G.E. entered India in 1902, and in the mid-1990's set up software, research and development and back-office operations. It was among the first global corporations to tap India's inexpensive, educated labor pool by outsourcing.


----------



## Mofra (28 May 2005)

Investor,

firsly thank you for answering my question re: oil price rise effect on BHP



			
				Investor said:
			
		

> ...and how to manage its eventual military armament without scaring the rest of the world.
> 
> It seeks to arm in a big way in terms of technological warfare (America is trying to stop this). Its army is the biggest in the world, 2.5 million strong.
> 
> America has managed to stop the EU from supplying modern weapons to China. China will have no choice but to build its own weapons.




Interesting point, although their military does seem to be closing in on military parity with the East Asian region despite the collapse of the Soviet Union removing a major source of international technology (with the exception of a short period of military hardware liquidation of smaller former Soviet states).  China (anecdotally at least) does not have a great respect for intellectual technology so the licensing of whatever technology they can import is one hurdle removed, however there is one hurdle I believe is not mentioned in terms of China's bid for parity with the US.

A great strength of the US military is their foreign bases providing a strong worldwide logistical network, which enables their projection of power (NEVER undersetimate the importance of logistics to military operations). The US network, to a large extent, is increasingly reliant on the US economic power, and provides a fiscal argument for governments granting continued access to the US military.

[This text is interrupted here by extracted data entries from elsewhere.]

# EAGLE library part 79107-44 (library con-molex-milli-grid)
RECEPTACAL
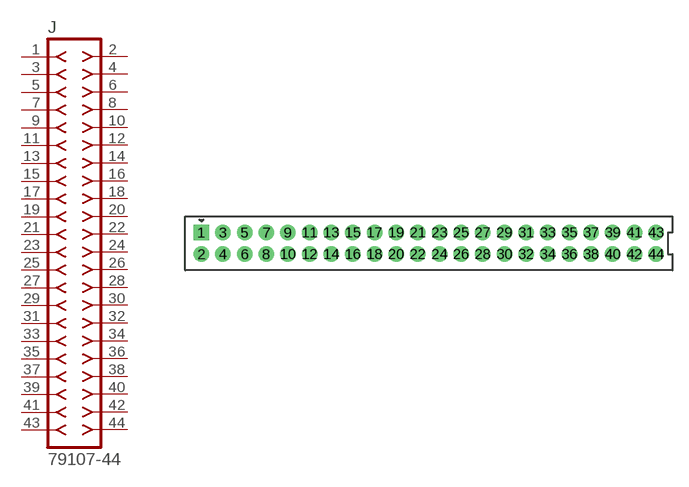
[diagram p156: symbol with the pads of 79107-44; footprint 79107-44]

Designator prefix J

## 79107-44  [79107-44]
1  1  pas
2  2  pas
3  3  pas
4  4  pas
5  5  pas
6  6  pas
7  7  pas
8  8  pas
9  9  pas
10  10  pas
11  11  pas
12  12  pas
13  13  pas
14  14  pas
15  15  pas
16  16  pas
17  17  pas
18  18  pas
19  19  pas
20  20  pas
21  21  pas
22  22  pas
23  23  pas
24  24  pas
25  25  pas
26  26  pas
27  27  pas
28  28  pas
29  29  pas
30  30  pas
31  31  pas
32  32  pas
33  33  pas
34  34  pas
35  35  pas
36  36  pas
37  37  pas
38  38  pas
39  39  pas
40  40  pas
41  41  pas
42  42  pas
43  43  pas
44  44  pas

## Footprint 79107-44 (pad centres in mm)
RECEPTACAL Dual Row, Vertical, Through-Hole
drill 0.914 square: 1 -21,1
drill 0.914: 2 -21,-1; 3 -19,1; 4 -19,-1; 5 -17,1; 6 -17,-1; 7 -15,1; 8 -15,-1; 9 -13,1; 10 -13,-1; 11 -11,1; 12 -11,-1; 13 -9,1; 14 -9,-1; 15 -7,1; 16 -7,-1; 17 -5,1; 18 -5,-1; 19 -3,1; 20 -3,-1; 21 -1,1; 22 -1,-1; 23 1,1; 24 1,-1; 25 3,1; 26 3,-1; 27 5,1; 28 5,-1; 29 7,1; 30 7,-1; 31 9,1; 32 9,-1; 33 11,1; 34 11,-1; 35 13,1; 36 13,-1; 37 15,1; 38 15,-1; 39 17,1; 40 17,-1; 41 19,1; 42 19,-1; 43 21,1; 44 21,-1

As China increases it's economic power, it is quite possible that this economic power will be used diplomatically to gain access to foreign airways, military sites (especially logistic bases) etc to enable thier own projection of power. This would have great implications for the world economy, and for governments quick to embrace the New China the benefits could be substantial.

Given Australia's reliance on resource exports, you would hope that the government is aware that the need for closer diplomatic ties to China may well require military or security concessions, and encourages this instead of adopting a confrontational stance.


----------



## Investor (28 May 2005)

From a Wall Street analyst:

"I’m putting shares of BHP Billiton(NYSE: BHP) on the recommended list at today's opening price.

BHP Billiton is the world’s largest diversified-resources company. If you haven’t heard of it, that may be because it is an Anglo-Australian company. Its shares trade on the NYSE as an ADR.

The company exports coal for the steel industry and mines ore, copper, aluminum, and has huge interests in oil, natural gas, nickel, diamonds, and silver.

The fundamentals for this company are excellent. It’s in the natural resources sector – which is seeing rising prices. Gold is only one part of this story. Oil is going up. Natural gas is going up. And analysts are expecting coal to go up 30-40% next year and iron to go up more than 100%. This company is in it all. And it's growing fast.

BHP is on track to increase its oil production by 40% to 180 million barrels by 2008. Its oil and gas operations make up 34% of its earnings.

BHP also has a share buy back program and is planning on buying 180 million shares over the next 12 months.

What is more it is also a play on the China growth trend. China is just emerging as an industrial economy. The demand for energy in China is only beginning, with the country experiencing constant brown outs in its major cities.

According to the International Business Report, over 80% of China is experiencing energy outages. Not only is the country using more and more oil, natural gas, and coal, but is going through a construction boom to create more power plants, which is putting a strong bid under steel prices.

According to the Wall Street Journal, BHP is poised to profit from the China energy crisis:

“As long as oil and natural-gas prices stay high, coal will remain an attractive alternative for fueling electricity plants. China and the U.S. are already ramping up development of new coal-burning plants. Their construction could help ensure stronger long-term demand.”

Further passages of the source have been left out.